* What you have to do *
Reproduce verbatim all of the data given below, but do not carry over the images.

=== Begin Enclosure ===

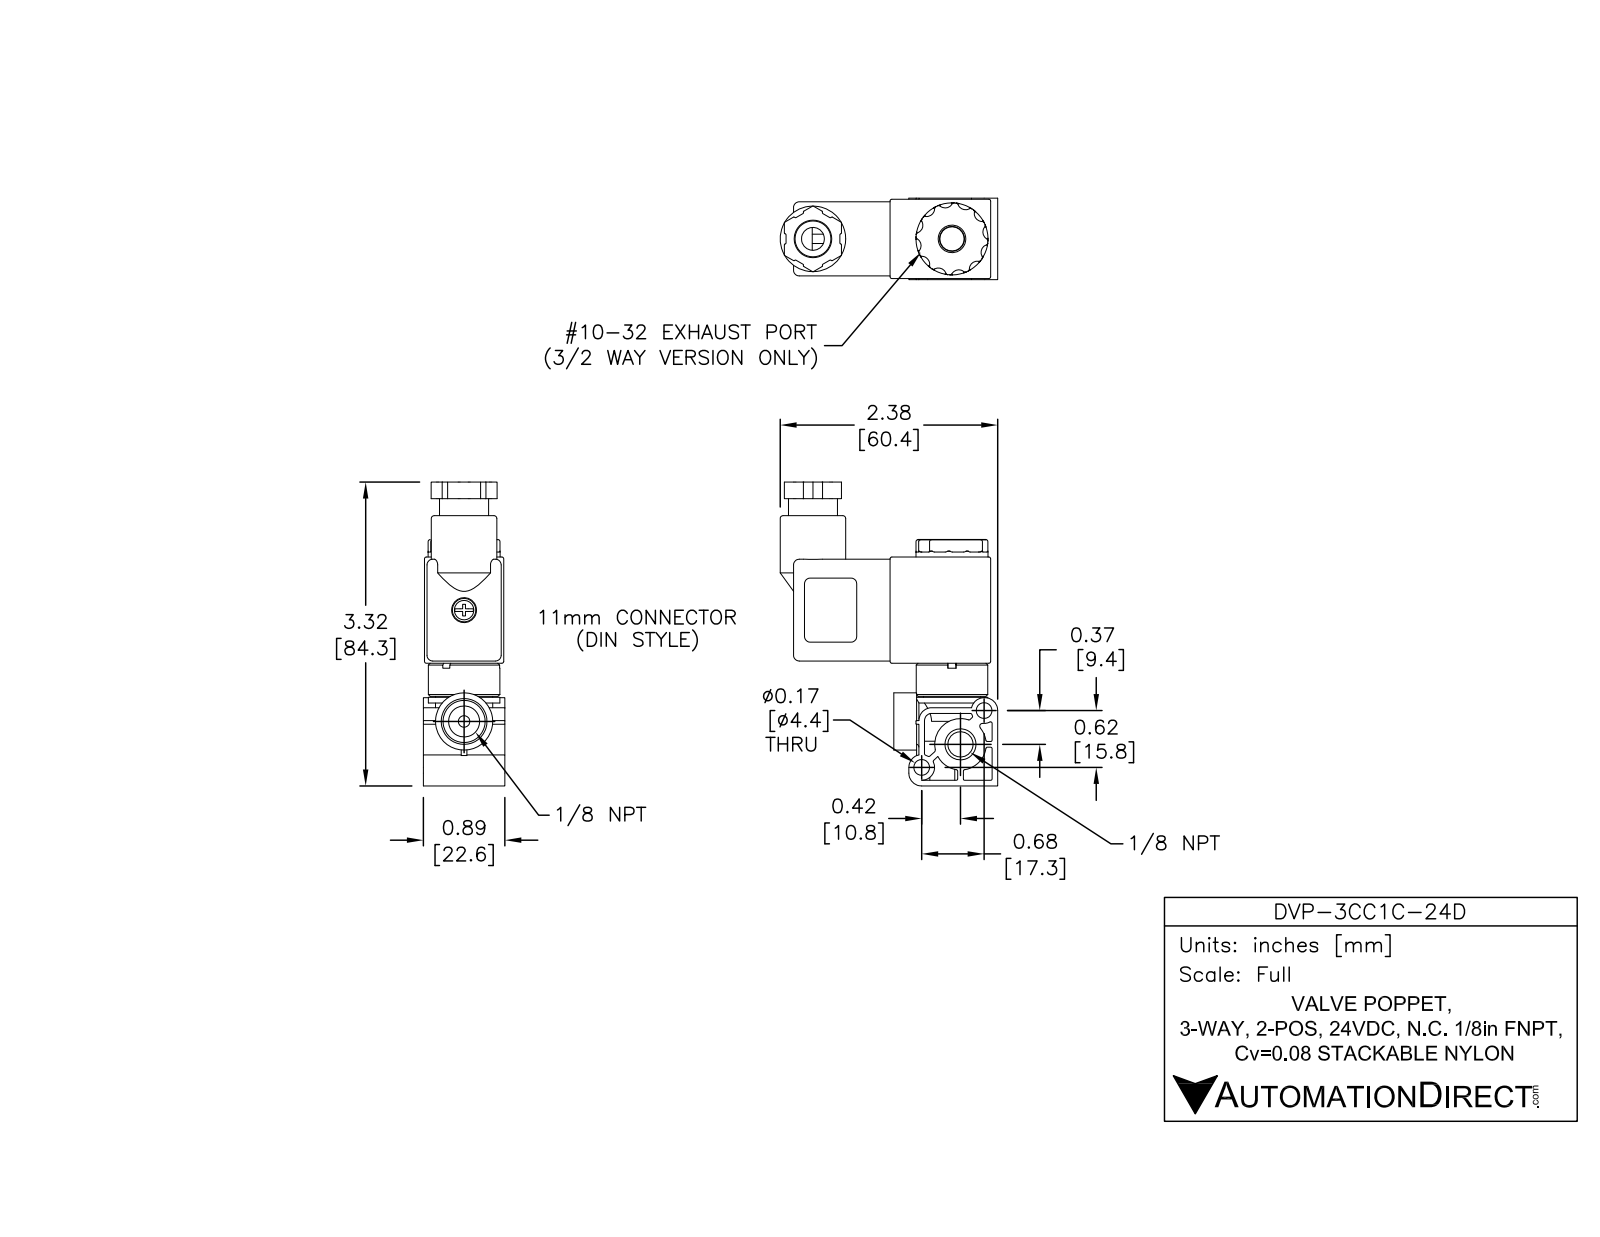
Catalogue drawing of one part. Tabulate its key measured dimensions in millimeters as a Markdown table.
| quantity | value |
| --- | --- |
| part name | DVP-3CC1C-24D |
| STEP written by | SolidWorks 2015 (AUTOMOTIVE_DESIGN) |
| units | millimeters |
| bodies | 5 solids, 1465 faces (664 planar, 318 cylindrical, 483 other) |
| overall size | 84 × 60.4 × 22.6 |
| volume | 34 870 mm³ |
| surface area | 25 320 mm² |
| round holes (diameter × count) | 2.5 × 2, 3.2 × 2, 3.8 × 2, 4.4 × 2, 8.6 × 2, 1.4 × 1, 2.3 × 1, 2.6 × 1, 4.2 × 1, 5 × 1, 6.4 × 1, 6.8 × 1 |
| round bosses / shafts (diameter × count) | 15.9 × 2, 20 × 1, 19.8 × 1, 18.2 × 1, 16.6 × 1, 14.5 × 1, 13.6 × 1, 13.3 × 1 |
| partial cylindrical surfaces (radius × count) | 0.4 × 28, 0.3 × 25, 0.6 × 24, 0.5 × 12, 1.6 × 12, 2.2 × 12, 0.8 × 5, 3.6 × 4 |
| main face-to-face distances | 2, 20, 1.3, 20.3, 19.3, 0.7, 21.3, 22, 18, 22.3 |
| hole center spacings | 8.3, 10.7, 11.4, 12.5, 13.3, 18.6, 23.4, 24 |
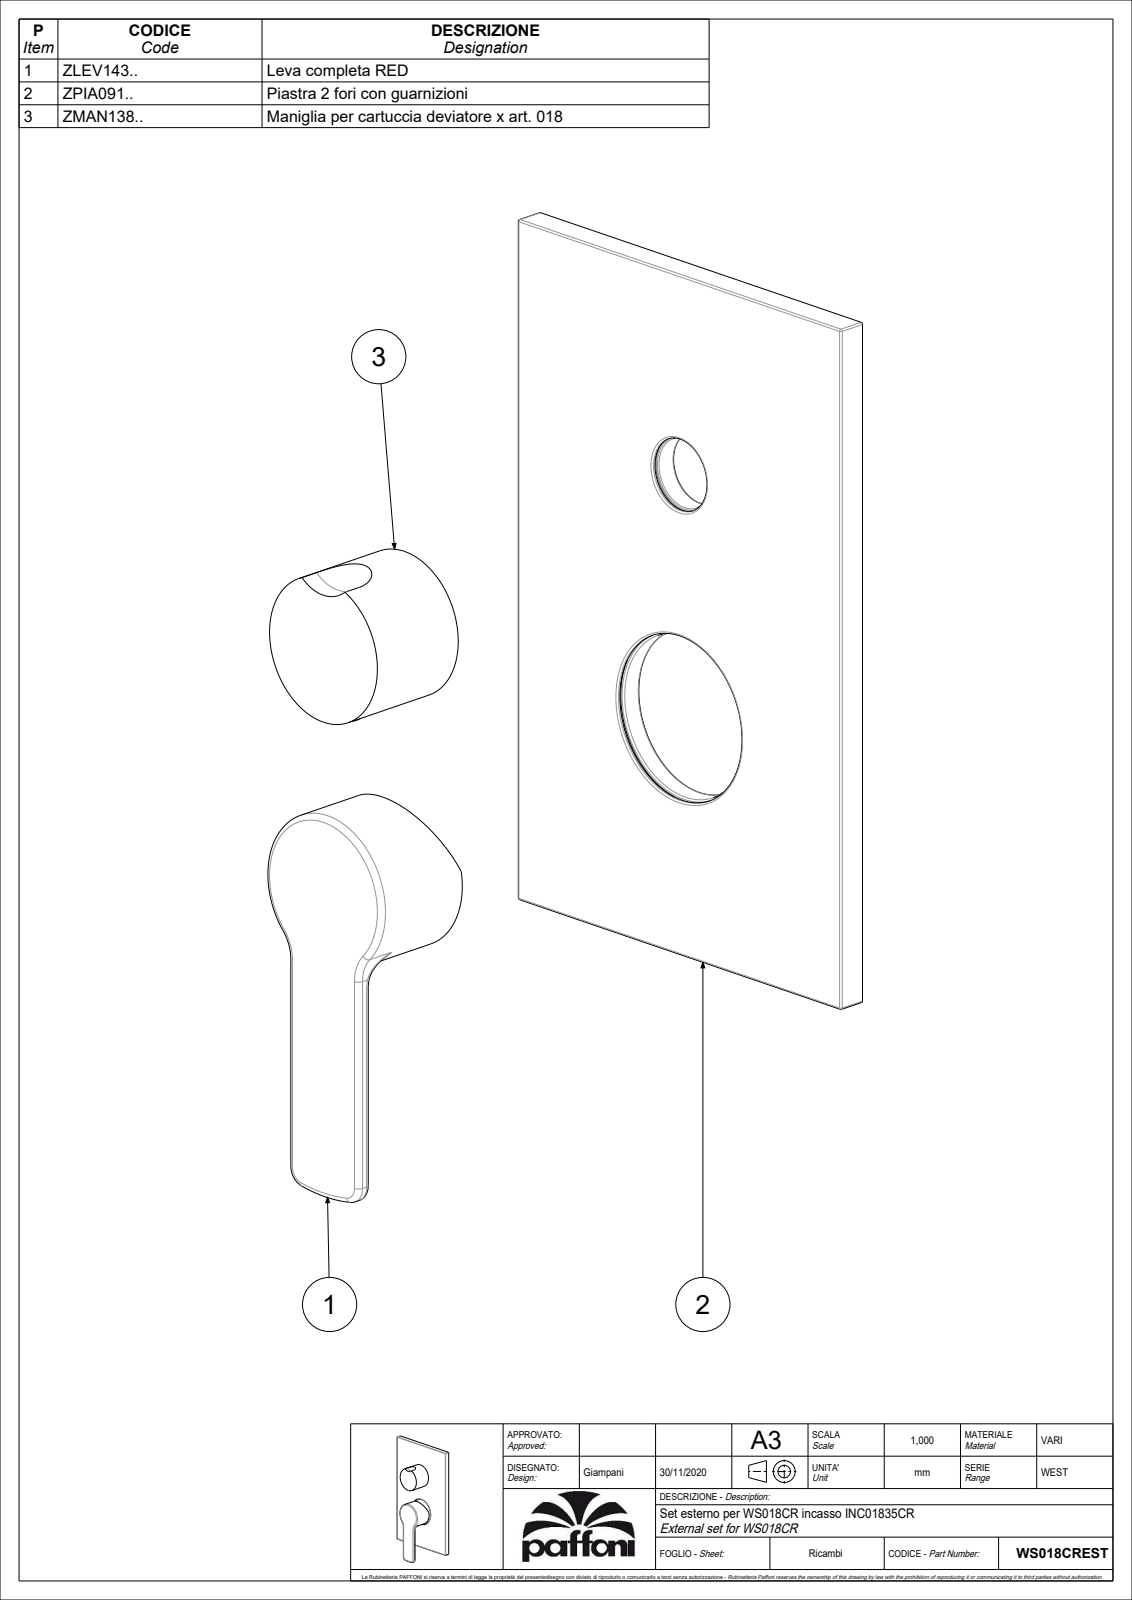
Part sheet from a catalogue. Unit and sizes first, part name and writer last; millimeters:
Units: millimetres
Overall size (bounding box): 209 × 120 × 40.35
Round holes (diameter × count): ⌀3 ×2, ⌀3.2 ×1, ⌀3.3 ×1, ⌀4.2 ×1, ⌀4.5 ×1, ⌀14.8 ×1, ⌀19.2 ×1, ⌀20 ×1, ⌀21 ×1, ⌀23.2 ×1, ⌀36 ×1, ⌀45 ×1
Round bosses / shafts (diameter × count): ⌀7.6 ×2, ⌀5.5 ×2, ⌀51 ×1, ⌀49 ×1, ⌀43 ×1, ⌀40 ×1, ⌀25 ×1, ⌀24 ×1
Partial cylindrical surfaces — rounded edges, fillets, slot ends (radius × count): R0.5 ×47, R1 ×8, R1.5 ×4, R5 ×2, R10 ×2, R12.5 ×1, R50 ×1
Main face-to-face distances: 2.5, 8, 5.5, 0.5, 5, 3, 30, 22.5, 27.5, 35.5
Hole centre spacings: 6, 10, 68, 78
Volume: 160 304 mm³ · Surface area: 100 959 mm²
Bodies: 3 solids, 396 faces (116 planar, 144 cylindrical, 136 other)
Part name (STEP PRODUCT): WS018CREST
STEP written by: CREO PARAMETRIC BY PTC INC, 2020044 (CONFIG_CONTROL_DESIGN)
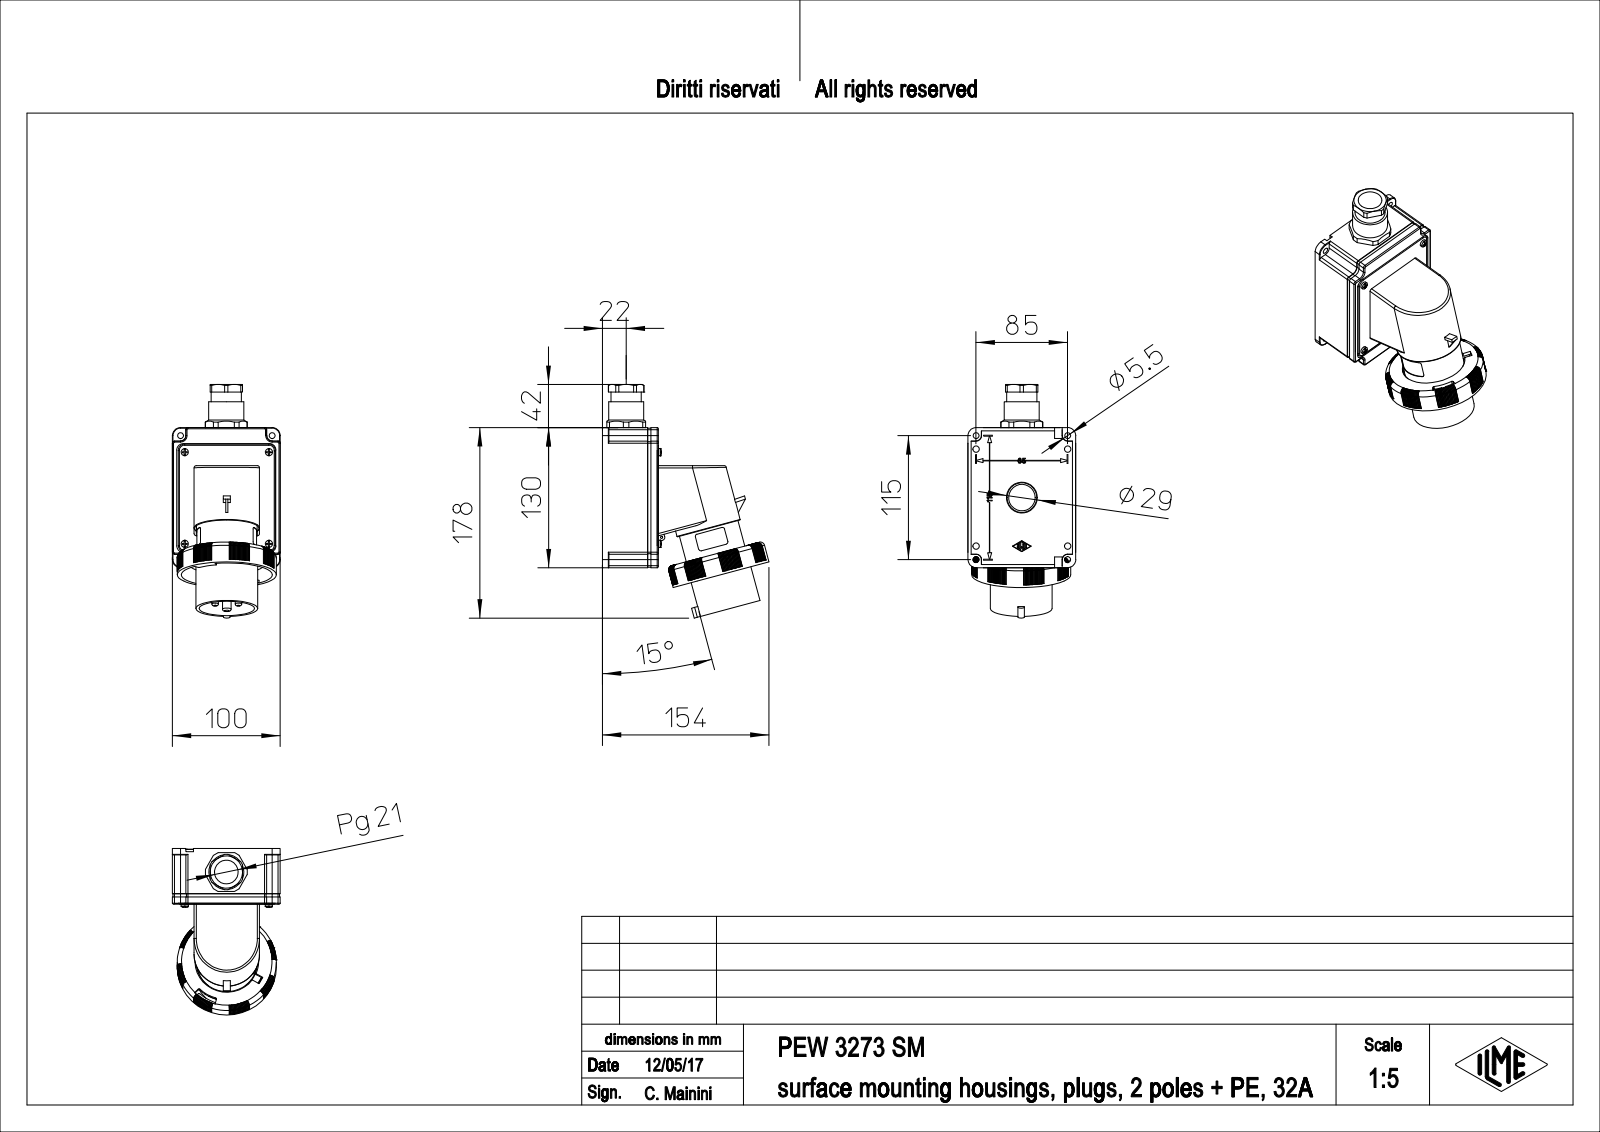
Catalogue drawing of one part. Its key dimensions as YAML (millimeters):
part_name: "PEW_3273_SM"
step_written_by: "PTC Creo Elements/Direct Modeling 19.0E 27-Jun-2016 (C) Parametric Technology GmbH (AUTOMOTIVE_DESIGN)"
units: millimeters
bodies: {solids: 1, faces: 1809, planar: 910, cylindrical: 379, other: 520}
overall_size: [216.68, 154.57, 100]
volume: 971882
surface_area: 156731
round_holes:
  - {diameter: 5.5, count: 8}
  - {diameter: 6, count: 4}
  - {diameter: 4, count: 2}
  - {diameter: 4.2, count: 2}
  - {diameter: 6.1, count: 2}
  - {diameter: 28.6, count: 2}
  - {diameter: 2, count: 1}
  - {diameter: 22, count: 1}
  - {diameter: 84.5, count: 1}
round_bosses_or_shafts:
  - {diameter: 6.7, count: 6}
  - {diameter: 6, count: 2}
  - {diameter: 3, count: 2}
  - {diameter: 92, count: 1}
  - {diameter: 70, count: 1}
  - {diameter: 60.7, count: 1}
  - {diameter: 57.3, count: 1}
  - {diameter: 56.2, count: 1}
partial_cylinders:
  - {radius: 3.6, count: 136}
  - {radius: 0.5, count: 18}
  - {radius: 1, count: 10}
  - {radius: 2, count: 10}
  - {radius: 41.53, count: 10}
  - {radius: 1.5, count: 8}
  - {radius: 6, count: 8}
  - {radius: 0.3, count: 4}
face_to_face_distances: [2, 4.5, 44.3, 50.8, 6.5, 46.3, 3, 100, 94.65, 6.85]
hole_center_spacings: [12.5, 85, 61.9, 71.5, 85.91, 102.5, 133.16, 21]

=== End Enclosure ===

* Reply to the exercise *
Catalogue drawing of one part. Tabulate its key measured dimensions in millimeters as a Markdown table.
| quantity | value |
| --- | --- |
| part name | DVP-3CC1C-24D |
| STEP written by | SolidWorks 2015 (AUTOMOTIVE_DESIGN) |
| units | millimeters |
| bodies | 5 solids, 1465 faces (664 planar, 318 cylindrical, 483 other) |
| overall size | 84 × 60.4 × 22.6 |
| volume | 34 870 mm³ |
| surface area | 25 320 mm² |
| round holes (diameter × count) | 2.5 × 2, 3.2 × 2, 3.8 × 2, 4.4 × 2, 8.6 × 2, 1.4 × 1, 2.3 × 1, 2.6 × 1, 4.2 × 1, 5 × 1, 6.4 × 1, 6.8 × 1 |
| round bosses / shafts (diameter × count) | 15.9 × 2, 20 × 1, 19.8 × 1, 18.2 × 1, 16.6 × 1, 14.5 × 1, 13.6 × 1, 13.3 × 1 |
| partial cylindrical surfaces (radius × count) | 0.4 × 28, 0.3 × 25, 0.6 × 24, 0.5 × 12, 1.6 × 12, 2.2 × 12, 0.8 × 5, 3.6 × 4 |
| main face-to-face distances | 2, 20, 1.3, 20.3, 19.3, 0.7, 21.3, 22, 18, 22.3 |
| hole center spacings | 8.3, 10.7, 11.4, 12.5, 13.3, 18.6, 23.4, 24 |
Part sheet from a catalogue. Unit and sizes first, part name and writer last; millimeters:
Units: millimetres
Overall size (bounding box): 209 × 120 × 40.35
Round holes (diameter × count): ⌀3 ×2, ⌀3.2 ×1, ⌀3.3 ×1, ⌀4.2 ×1, ⌀4.5 ×1, ⌀14.8 ×1, ⌀19.2 ×1, ⌀20 ×1, ⌀21 ×1, ⌀23.2 ×1, ⌀36 ×1, ⌀45 ×1
Round bosses / shafts (diameter × count): ⌀7.6 ×2, ⌀5.5 ×2, ⌀51 ×1, ⌀49 ×1, ⌀43 ×1, ⌀40 ×1, ⌀25 ×1, ⌀24 ×1
Partial cylindrical surfaces — rounded edges, fillets, slot ends (radius × count): R0.5 ×47, R1 ×8, R1.5 ×4, R5 ×2, R10 ×2, R12.5 ×1, R50 ×1
Main face-to-face distances: 2.5, 8, 5.5, 0.5, 5, 3, 30, 22.5, 27.5, 35.5
Hole centre spacings: 6, 10, 68, 78
Volume: 160 304 mm³ · Surface area: 100 959 mm²
Bodies: 3 solids, 396 faces (116 planar, 144 cylindrical, 136 other)
Part name (STEP PRODUCT): WS018CREST
STEP written by: CREO PARAMETRIC BY PTC INC, 2020044 (CONFIG_CONTROL_DESIGN)
Catalogue drawing of one part. Its key dimensions as YAML (millimeters):
part_name: "PEW_3273_SM"
step_written_by: "PTC Creo Elements/Direct Modeling 19.0E 27-Jun-2016 (C) Parametric Technology GmbH (AUTOMOTIVE_DESIGN)"
units: millimeters
bodies: {solids: 1, faces: 1809, planar: 910, cylindrical: 379, other: 520}
overall_size: [216.68, 154.57, 100]
volume: 971882
surface_area: 156731
round_holes:
  - {diameter: 5.5, count: 8}
  - {diameter: 6, count: 4}
  - {diameter: 4, count: 2}
  - {diameter: 4.2, count: 2}
  - {diameter: 6.1, count: 2}
  - {diameter: 28.6, count: 2}
  - {diameter: 2, count: 1}
  - {diameter: 22, count: 1}
  - {diameter: 84.5, count: 1}
round_bosses_or_shafts:
  - {diameter: 6.7, count: 6}
  - {diameter: 6, count: 2}
  - {diameter: 3, count: 2}
  - {diameter: 92, count: 1}
  - {diameter: 70, count: 1}
  - {diameter: 60.7, count: 1}
  - {diameter: 57.3, count: 1}
  - {diameter: 56.2, count: 1}
partial_cylinders:
  - {radius: 3.6, count: 136}
  - {radius: 0.5, count: 18}
  - {radius: 1, count: 10}
  - {radius: 2, count: 10}
  - {radius: 41.53, count: 10}
  - {radius: 1.5, count: 8}
  - {radius: 6, count: 8}
  - {radius: 0.3, count: 4}
face_to_face_distances: [2, 4.5, 44.3, 50.8, 6.5, 46.3, 3, 100, 94.65, 6.85]
hole_center_spacings: [12.5, 85, 61.9, 71.5, 85.91, 102.5, 133.16, 21]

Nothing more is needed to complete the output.